> Task details: State the number of lines in the material below that have "view" in them, without any other text.

Top of Task data

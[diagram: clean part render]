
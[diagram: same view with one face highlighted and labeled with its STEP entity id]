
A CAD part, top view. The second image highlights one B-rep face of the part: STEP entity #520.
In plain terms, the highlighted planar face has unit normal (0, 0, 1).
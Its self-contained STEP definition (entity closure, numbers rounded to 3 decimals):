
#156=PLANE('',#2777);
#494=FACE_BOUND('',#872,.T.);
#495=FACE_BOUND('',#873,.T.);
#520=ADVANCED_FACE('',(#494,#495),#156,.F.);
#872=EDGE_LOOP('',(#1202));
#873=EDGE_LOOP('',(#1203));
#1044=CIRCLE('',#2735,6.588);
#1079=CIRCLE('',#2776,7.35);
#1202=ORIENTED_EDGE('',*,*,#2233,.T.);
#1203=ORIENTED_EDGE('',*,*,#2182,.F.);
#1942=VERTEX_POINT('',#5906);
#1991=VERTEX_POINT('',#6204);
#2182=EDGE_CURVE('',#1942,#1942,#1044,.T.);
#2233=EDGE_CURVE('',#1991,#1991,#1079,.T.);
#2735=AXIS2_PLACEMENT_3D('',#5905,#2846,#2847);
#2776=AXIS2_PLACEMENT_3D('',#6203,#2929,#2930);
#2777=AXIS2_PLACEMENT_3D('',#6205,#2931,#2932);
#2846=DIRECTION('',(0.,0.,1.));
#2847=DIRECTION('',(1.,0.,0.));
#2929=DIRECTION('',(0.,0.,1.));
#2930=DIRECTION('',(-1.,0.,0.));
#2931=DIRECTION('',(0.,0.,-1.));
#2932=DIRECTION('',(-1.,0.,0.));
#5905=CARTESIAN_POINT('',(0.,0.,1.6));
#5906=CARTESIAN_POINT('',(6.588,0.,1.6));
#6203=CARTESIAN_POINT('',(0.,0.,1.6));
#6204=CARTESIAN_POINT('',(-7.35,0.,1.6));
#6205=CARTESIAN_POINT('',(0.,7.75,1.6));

Bottom of Task data

> Task answer: 2